With that in mind, what does it mean to be a writer, journalist, or activist witnessing a genocide that remains unchallenged by advocacy efforts or existing narratives?
“It's difficult to do any writing about Sudan in a way that doesn't make people feel bad, because usually I'm annoyed, disappointed, or resentful,” says Abdel-Magied. “And people understand that they are part of that, but they don't do anything about it.”
So how can we, how can I, continue to try, knowing that we do not currently matter enough to get people’s attention?
“I no longer write for the other, I write for us,” says Abdel-Magied. “I write to record. What Sudan is going through is so fundamental that if we don’t do that, names, stories, and history will be lost, and then really no one will know.”

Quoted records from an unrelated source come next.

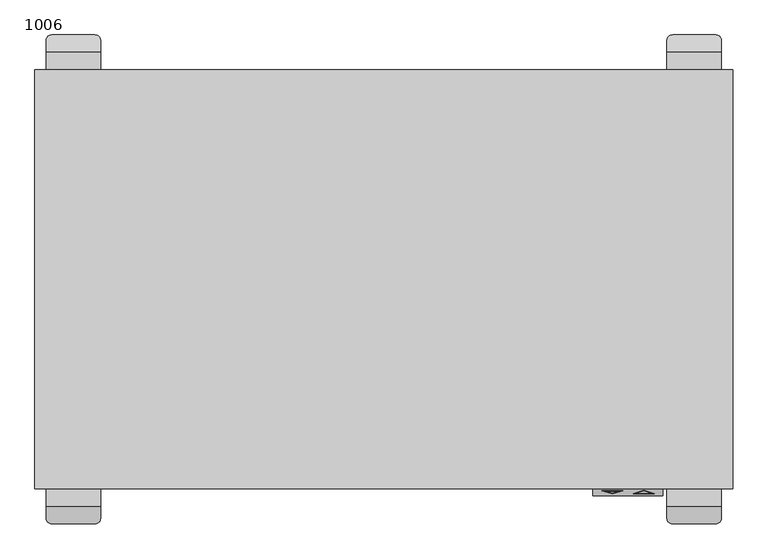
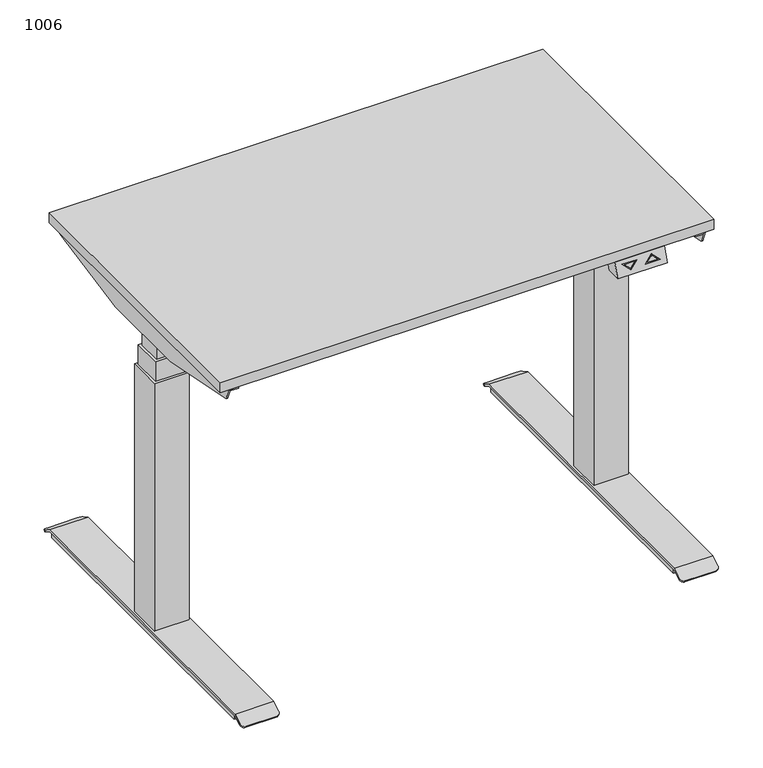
"""IFC4 building model written with IfcOpenShell, lengths in millimetres: furniture geometry, PINTA EQC : 1006."""

from ifc_helpers import new_model, si_unit, point, frame, frame_2d, origin, origin_with_axes, place, context, project, spatial, polyline, circle_curve, trimmed, segment, composite_curve, outline, extrude, faceted_brep, source, transform, mapped, element, save
from ifc_brep_helpers import plane_surface, cylinder_surface, advanced_brep


def furniture_1006_1aa1d17c(model_context):
    return source(origin(), model_context, "Body", "SolidModel", [
        faceted_brep([(300.0, -610.0, 668.0), (300.0, -580.0, 668.0), (400.0, -580.0, 668.0), (400.0, -610.0, 668.0), (300.0, -600.0, 698.0), (400.0, -600.0, 698.0), (400.0, -570.0, 698.0), (300.0, -570.0, 698.0), (312.5, -602.6491106, 690.0526681), (342.5, -602.6491106, 690.0526681), (327.5, -607.3925271, 675.8224186), (387.5, -606.9174824, 677.2475529), (357.5, -606.9174824, 677.2475529), (372.5, -602.1740659, 691.4778023), (327.5, -606.4980999, 678.5057002), (337.6715729, -603.2815662, 688.1553015), (317.3284271, -603.2815662, 688.1553015), (382.6715729, -606.2850268, 679.1449195), (372.5, -603.0684931, 688.7945208), (362.3284271, -606.2850268, 679.1449195), (342.5, -601.7004273, 689.7364403), (312.5, -601.7004273, 689.7364403), (327.5, -606.4438438, 675.5061908), (337.6715729, -602.3328829, 687.8390737), (327.5, -605.5494166, 678.1894724), (317.3284271, -602.3328829, 687.8390737), (357.5, -605.9687991, 676.9313251), (387.5, -605.9687991, 676.9313251), (372.5, -601.2253826, 691.1615746), (372.5, -602.1198098, 688.478293), (382.6715729, -605.3363436, 678.8286917), (362.3284271, -605.3363436, 678.8286917)], [[[0, 1, 2, 3]], [[4, 5, 6, 7]], [[1, 0, 4, 7]], [[3, 2, 6, 5]], [[0, 3, 5, 4], [8, 9, 10], [11, 12, 13]], [[14, 15, 16]], [[17, 18, 19]], [[2, 1, 7, 6]], [[20, 21, 22], [23, 24, 25]], [[26, 27, 28], [29, 30, 31]], [[21, 20, 9, 8]], [[22, 21, 8, 10]], [[20, 22, 10, 9]], [[27, 26, 12, 11]], [[28, 27, 11, 13]], [[26, 28, 13, 12]], [[24, 23, 15, 14]], [[25, 24, 14, 16]], [[23, 25, 16, 15]], [[30, 29, 18, 17]], [[31, 30, 17, 19]], [[29, 31, 19, 18]]]),
        extrude(outline(polyline([(-480.0, -219.7732113), (480.0, -219.7733158), (480.0, -239.7733158), (-480.0, -239.7732113), (-480.0, -219.7732113)])), frame((0.0, 0.0, 658.0), z_axis=(0.0, 0.0, 1.0), x_axis=(1.0, 0.0, 0.0)), (0.0, 0.0, 1.0), 40.0),
        extrude(outline(polyline([(-480.0, -359.7732114), (480.0, -359.7733158), (480.0, -379.7733158), (-480.0, -379.7732114), (-480.0, -359.7732114)])), frame((0.0, 0.0, 658.0), z_axis=(0.0, 0.0, 1.0), x_axis=(1.0, 0.0, 0.0)), (0.0, 0.0, 1.0), 40.0),
        extrude(outline(polyline([(-500.0, -600.0), (-500.0, 0.0), (500.0, 0.0), (500.0, -600.0), (-500.0, -600.0)])), frame((0.0, 0.0, 698.0), z_axis=(0.0, 0.0, 1.0), x_axis=(1.0, 0.0, 0.0)), (0.0, 0.0, 1.0), 22.0),
        advanced_brep(
        [(406.9772339, -620.0, 6.0), (406.9772339, -620.0, 16.0), (406.9772339, 20.0, 16.0), (406.9772339, 20.0, 6.0), (483.0227661, 20.0, 16.0), (483.0227661, 20.0, 6.0), (483.0227661, -620.0, 16.0), (483.0227661, -620.0, 6.0), (406.0, 25.0, 20.0), (406.0, 43.0199519, 9.908827), (406.0, 41.0655384, 6.4188029), (406.0, 23.9562578, 16.0), (406.0, -623.9562578, 16.0), (406.0, -641.0655384, 6.4188029), (406.0, -643.0199519, 9.908827), (406.0, -625.0, 20.0), (484.0, 23.9562578, 16.0), (484.0, 41.0655384, 6.4188029), (484.0, 43.0199519, 9.908827), (484.0, 25.0, 20.0), (484.0, -625.0, 20.0), (484.0, -643.0199519, 9.908827), (484.0, -641.0655384, 6.4188029), (484.0, -623.9562578, 16.0), (414.0, -650.0, 6.0), (476.0, -650.0, 6.0), (414.0, -648.0455865, 2.5099759), (476.0, -648.0455865, 2.5099759), (414.0, 48.0455865, 2.5099759), (476.0, 48.0455865, 2.5099759), (414.0, 50.0, 6.0), (476.0, 50.0, 6.0)],
        [
            (0, 1),
            (1, 2),
            (2, 3),
            (3, 0),
            (2, 4),
            (4, 5),
            (5, 3),
            (4, 6),
            (6, 7),
            (7, 5),
            (6, 1),
            (0, 7),
            (8, 9),
            (9, 10),
            (10, 11),
            (11, 12),
            (12, 13),
            (13, 14),
            (14, 15),
            (15, 8),
            (16, 17),
            (17, 18),
            (18, 19),
            (19, 20),
            (20, 21),
            (21, 22),
            (22, 23),
            (23, 16),
            (15, 20),
            (19, 8),
            (11, 16),
            (23, 12),
            (14, 24, circle_curve(frame((414.0, -643.0199519, 9.908827), z_axis=(0.0, -0.4886033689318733, 0.8725060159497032), x_axis=(0.0, 0.8725060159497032, 0.4886033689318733)), 8.0)),
            (24, 25),
            (25, 21, circle_curve(frame((476.0, -643.0199519, 9.908827), z_axis=(0.0, -0.4886033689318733, 0.8725060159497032), x_axis=(0.0, 0.8725060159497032, 0.4886033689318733)), 8.0)),
            (24, 26),
            (26, 27),
            (27, 25),
            (22, 27, circle_curve(frame((476.0, -641.0655384, 6.4188029), z_axis=(0.0, 0.4886033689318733, -0.8725060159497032), x_axis=(0.0, 0.8725060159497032, 0.4886033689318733)), 8.0)),
            (26, 13, circle_curve(frame((414.0, -641.0655384, 6.4188029), z_axis=(0.0, 0.4886033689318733, -0.8725060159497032), x_axis=(0.0, 0.8725060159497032, 0.4886033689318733)), 8.0)),
            (10, 28, circle_curve(frame((414.0, 41.0655384, 6.4188029), z_axis=(0.0, -0.4886033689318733, -0.8725060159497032), x_axis=(0.0, -0.8725060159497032, 0.4886033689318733)), 8.0)),
            (28, 29),
            (29, 17, circle_curve(frame((476.0, 41.0655384, 6.4188029), z_axis=(0.0, -0.4886033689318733, -0.8725060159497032), x_axis=(0.0, -0.8725060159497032, 0.4886033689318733)), 8.0)),
            (28, 30),
            (30, 31),
            (31, 29),
            (18, 31, circle_curve(frame((476.0, 43.0199519, 9.908827), z_axis=(0.0, 0.4886033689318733, 0.8725060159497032), x_axis=(0.0, -0.8725060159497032, 0.4886033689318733)), 8.0)),
            (30, 9, circle_curve(frame((414.0, 43.0199519, 9.908827), z_axis=(0.0, 0.4886033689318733, 0.8725060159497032), x_axis=(0.0, -0.8725060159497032, 0.4886033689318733)), 8.0)),
        ],
        [
            plane_surface(frame((406.9772339, -620.0, 16.0), z_axis=(-1.0, 0.0, 0.0), x_axis=(0.0, 0.0, -1.0))),
            plane_surface(frame((406.9772339, 20.0, 16.0), z_axis=(0.0, 1.0, 0.0), x_axis=(0.0, 0.0, -1.0))),
            plane_surface(frame((483.0227661, 20.0, 16.0), z_axis=(1.0, 0.0, 0.0), x_axis=(0.0, 0.0, -1.0))),
            plane_surface(frame((483.0227661, -620.0, 16.0), z_axis=(0.0, -1.0, 0.0), x_axis=(0.0, 0.0, -1.0))),
            plane_surface(frame((406.9772339, -623.4188232, 6.0), z_axis=(0.0, 0.0, -1.0), x_axis=(0.0, -1.0, 0.0))),
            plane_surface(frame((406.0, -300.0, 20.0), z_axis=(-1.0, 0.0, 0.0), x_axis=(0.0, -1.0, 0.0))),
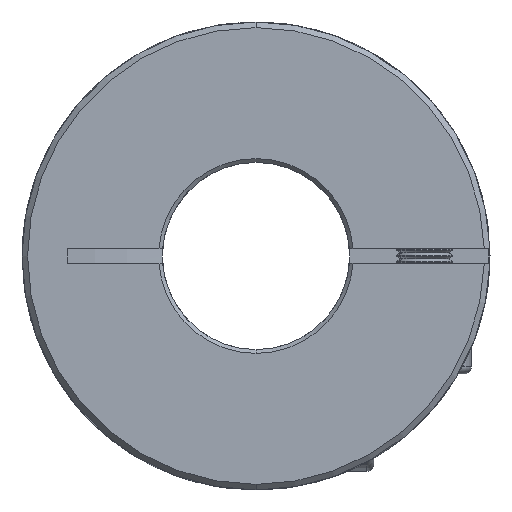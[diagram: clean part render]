
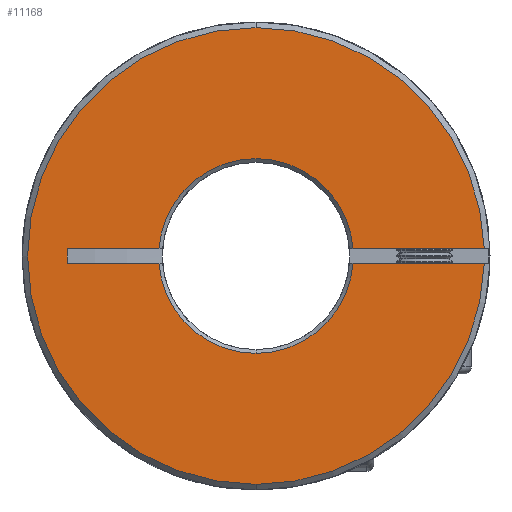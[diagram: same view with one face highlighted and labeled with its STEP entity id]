
A CAD part, front view. The second image highlights one B-rep face of the part: STEP entity #11168.
In plain terms, the highlighted planar face has unit normal (0, -1, 0).
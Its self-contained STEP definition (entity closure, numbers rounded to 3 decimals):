
#190 = VECTOR ( 'NONE', #4632, 1000. ) ;
#627 = CARTESIAN_POINT ( 'NONE',  ( 0., 0., 0. ) ) ;
#665 = EDGE_CURVE ( 'NONE', #1408, #12270, #8932, .T. ) ;
#928 = ORIENTED_EDGE ( 'NONE', *, *, #7299, .T. ) ;
#936 = AXIS2_PLACEMENT_3D ( 'NONE', #9251, #3928, #2620 ) ;
#1226 = DIRECTION ( 'NONE',  ( 0., 0., 1. ) ) ;
#1408 = VERTEX_POINT ( 'NONE', #12365 ) ;
#1444 = VERTEX_POINT ( 'NONE', #13978 ) ;
#1517 = EDGE_CURVE ( 'NONE', #11913, #1444, #7760, .T. ) ;
#1530 = ORIENTED_EDGE ( 'NONE', *, *, #17112, .T. ) ;
#1819 = EDGE_CURVE ( 'NONE', #11913, #9533, #4605, .T. ) ;
#1903 = EDGE_LOOP ( 'NONE', ( #15159, #4601, #7160, #10313, #8730, #928, #9271, #6544, #3753, #1530, #9740 ) ) ;
#1977 = CARTESIAN_POINT ( 'NONE',  ( 0., 0., 0. ) ) ;
#2318 = CARTESIAN_POINT ( 'NONE',  ( 0., 0., 0. ) ) ;
#2415 = CARTESIAN_POINT ( 'NONE',  ( 0., 0., 0. ) ) ;
#2499 = DIRECTION ( 'NONE',  ( 0., -1., 0. ) ) ;
#2620 = DIRECTION ( 'NONE',  ( 0., 0., 1. ) ) ;
#2792 = CARTESIAN_POINT ( 'NONE',  ( 0., 0., 0. ) ) ;
#2896 = CARTESIAN_POINT ( 'NONE',  ( -20.149, 0., -0.75 ) ) ;
#2921 = CARTESIAN_POINT ( 'NONE',  ( 24.388, 0., 0.75 ) ) ;
#3064 = DIRECTION ( 'NONE',  ( 0., -1., 0. ) ) ;
#3603 = DIRECTION ( 'NONE',  ( 0., 1., 0. ) ) ;
#3753 = ORIENTED_EDGE ( 'NONE', *, *, #7986, .T. ) ;
#3794 = CIRCLE ( 'NONE', #4752, 24.4 ) ;
#3928 = DIRECTION ( 'NONE',  ( 0., 1., 0. ) ) ;
#4087 = CARTESIAN_POINT ( 'NONE',  ( 0., 0., 0. ) ) ;
#4601 = ORIENTED_EDGE ( 'NONE', *, *, #15132, .T. ) ;
#4605 = LINE ( 'NONE', #2896, #10290 ) ;
#4632 = DIRECTION ( 'NONE',  ( 1., 0., 0. ) ) ;
#4677 = CARTESIAN_POINT ( 'NONE',  ( 0., 0., -24.4 ) ) ;
#4752 = AXIS2_PLACEMENT_3D ( 'NONE', #627, #3064, #7297 ) ;
#5010 = VERTEX_POINT ( 'NONE', #5503 ) ;
#5137 = CIRCLE ( 'NONE', #11287, 24.4 ) ;
#5486 = DIRECTION ( 'NONE',  ( 1., 0., 0. ) ) ;
#5503 = CARTESIAN_POINT ( 'NONE',  ( -10.373, 0., 0.75 ) ) ;
#5566 = EDGE_CURVE ( 'NONE', #10177, #5590, #5787, .T. ) ;
#5590 = VERTEX_POINT ( 'NONE', #2921 ) ;
#5594 = CARTESIAN_POINT ( 'NONE',  ( -50., 0., 0.75 ) ) ;
#5787 = LINE ( 'NONE', #5594, #16922 ) ;
#5994 = AXIS2_PLACEMENT_3D ( 'NONE', #2318, #3603, #13096 ) ;
#6317 = DIRECTION ( 'NONE',  ( 0., -1., 0. ) ) ;
#6544 = ORIENTED_EDGE ( 'NONE', *, *, #5566, .T. ) ;
#7160 = ORIENTED_EDGE ( 'NONE', *, *, #7695, .T. ) ;
#7214 = DIRECTION ( 'NONE',  ( 0., 0., 1. ) ) ;
#7297 = DIRECTION ( 'NONE',  ( 0., 0., 1. ) ) ;
#7299 = EDGE_CURVE ( 'NONE', #9533, #5010, #11402, .T. ) ;
#7361 = VERTEX_POINT ( 'NONE', #14632 ) ;
#7517 = VERTEX_POINT ( 'NONE', #4677 ) ;
#7652 = CIRCLE ( 'NONE', #16687, 24.4 ) ;
#7695 = EDGE_CURVE ( 'NONE', #10051, #1444, #8441, .T. ) ;
#7760 = LINE ( 'NONE', #8971, #17474 ) ;
#7986 = EDGE_CURVE ( 'NONE', #5590, #7361, #3794, .T. ) ;
#8273 = DIRECTION ( 'NONE',  ( 0., 1., 0. ) ) ;
#8309 = DIRECTION ( 'NONE',  ( 0., 0., 1. ) ) ;
#8441 = CIRCLE ( 'NONE', #5994, 10.4 ) ;
#8730 = ORIENTED_EDGE ( 'NONE', *, *, #1819, .T. ) ;
#8932 = LINE ( 'NONE', #16863, #190 ) ;
#8971 = CARTESIAN_POINT ( 'NONE',  ( -50., 0., -0.75 ) ) ;
#9136 = FACE_OUTER_BOUND ( 'NONE', #1903, .T. ) ;
#9251 = CARTESIAN_POINT ( 'NONE',  ( -50., 0., 32.858 ) ) ;
#9271 = ORIENTED_EDGE ( 'NONE', *, *, #9873, .T. ) ;
#9400 = CARTESIAN_POINT ( 'NONE',  ( -50., 0., 0.75 ) ) ;
#9533 = VERTEX_POINT ( 'NONE', #15582 ) ;
#9740 = ORIENTED_EDGE ( 'NONE', *, *, #16599, .T. ) ;
#9873 = EDGE_CURVE ( 'NONE', #5010, #10177, #11481, .T. ) ;
#10051 = VERTEX_POINT ( 'NONE', #11497 ) ;
#10177 = VERTEX_POINT ( 'NONE', #14562 ) ;
#10290 = VECTOR ( 'NONE', #8309, 1000. ) ;
#10313 = ORIENTED_EDGE ( 'NONE', *, *, #1517, .F. ) ;
#10448 = DIRECTION ( 'NONE',  ( 1., 0., 0. ) ) ;
#10713 = PLANE ( 'NONE',  #936 ) ;
#10895 = AXIS2_PLACEMENT_3D ( 'NONE', #1977, #12621, #7214 ) ;
#11168 = ADVANCED_FACE ( 'NONE', ( #9136 ), #10713, .F. ) ;
#11287 = AXIS2_PLACEMENT_3D ( 'NONE', #2415, #6317, #11896 ) ;
#11402 = LINE ( 'NONE', #9400, #11617 ) ;
#11431 = AXIS2_PLACEMENT_3D ( 'NONE', #2792, #8273, #12151 ) ;
#11481 = CIRCLE ( 'NONE', #11431, 10.4 ) ;
#11497 = CARTESIAN_POINT ( 'NONE',  ( 0., 0., -10.4 ) ) ;
#11617 = VECTOR ( 'NONE', #11981, 1000. ) ;
#11896 = DIRECTION ( 'NONE',  ( 0., 0., 1. ) ) ;
#11913 = VERTEX_POINT ( 'NONE', #14192 ) ;
#11981 = DIRECTION ( 'NONE',  ( 1., 0., 0. ) ) ;
#12151 = DIRECTION ( 'NONE',  ( 0., 0., 1. ) ) ;
#12179 = CIRCLE ( 'NONE', #10895, 10.4 ) ;
#12270 = VERTEX_POINT ( 'NONE', #16653 ) ;
#12365 = CARTESIAN_POINT ( 'NONE',  ( 10.373, 0., -0.75 ) ) ;
#12621 = DIRECTION ( 'NONE',  ( 0., 1., 0. ) ) ;
#13096 = DIRECTION ( 'NONE',  ( 0., 0., 1. ) ) ;
#13978 = CARTESIAN_POINT ( 'NONE',  ( -10.373, 0., -0.75 ) ) ;
#14192 = CARTESIAN_POINT ( 'NONE',  ( -20.149, 0., -0.75 ) ) ;
#14562 = CARTESIAN_POINT ( 'NONE',  ( 10.373, 0., 0.75 ) ) ;
#14632 = CARTESIAN_POINT ( 'NONE',  ( 0., 0., 24.4 ) ) ;
#15132 = EDGE_CURVE ( 'NONE', #1408, #10051, #12179, .T. ) ;
#15159 = ORIENTED_EDGE ( 'NONE', *, *, #665, .F. ) ;
#15582 = CARTESIAN_POINT ( 'NONE',  ( -20.149, 0., 0.75 ) ) ;
#16599 = EDGE_CURVE ( 'NONE', #7517, #12270, #7652, .T. ) ;
#16653 = CARTESIAN_POINT ( 'NONE',  ( 24.388, 0., -0.75 ) ) ;
#16687 = AXIS2_PLACEMENT_3D ( 'NONE', #4087, #2499, #1226 ) ;
#16863 = CARTESIAN_POINT ( 'NONE',  ( -50., 0., -0.75 ) ) ;
#16922 = VECTOR ( 'NONE', #5486, 1000. ) ;
#17112 = EDGE_CURVE ( 'NONE', #7361, #7517, #5137, .T. ) ;
#17474 = VECTOR ( 'NONE', #10448, 1000. ) ;

There’s hope in this archiving. If we keep these stories alive, it is because we believe that there will be an after when they will be cherished again. As writers and journalists, we might have to accept that we do not have the power to end this genocide right now, but that does not make our work futile.
“You are creating a reality when you write. The act of caring enough about something to write about it works against invisibilization,” says Abdel-Magied. “It’s a rejection of erasure.”
As our readership and audience, you too might feel like you cannot stop this genocide, but you can still be a witness to it and support those who are trying to save lives by first and foremost keeping your eyes on Sudan.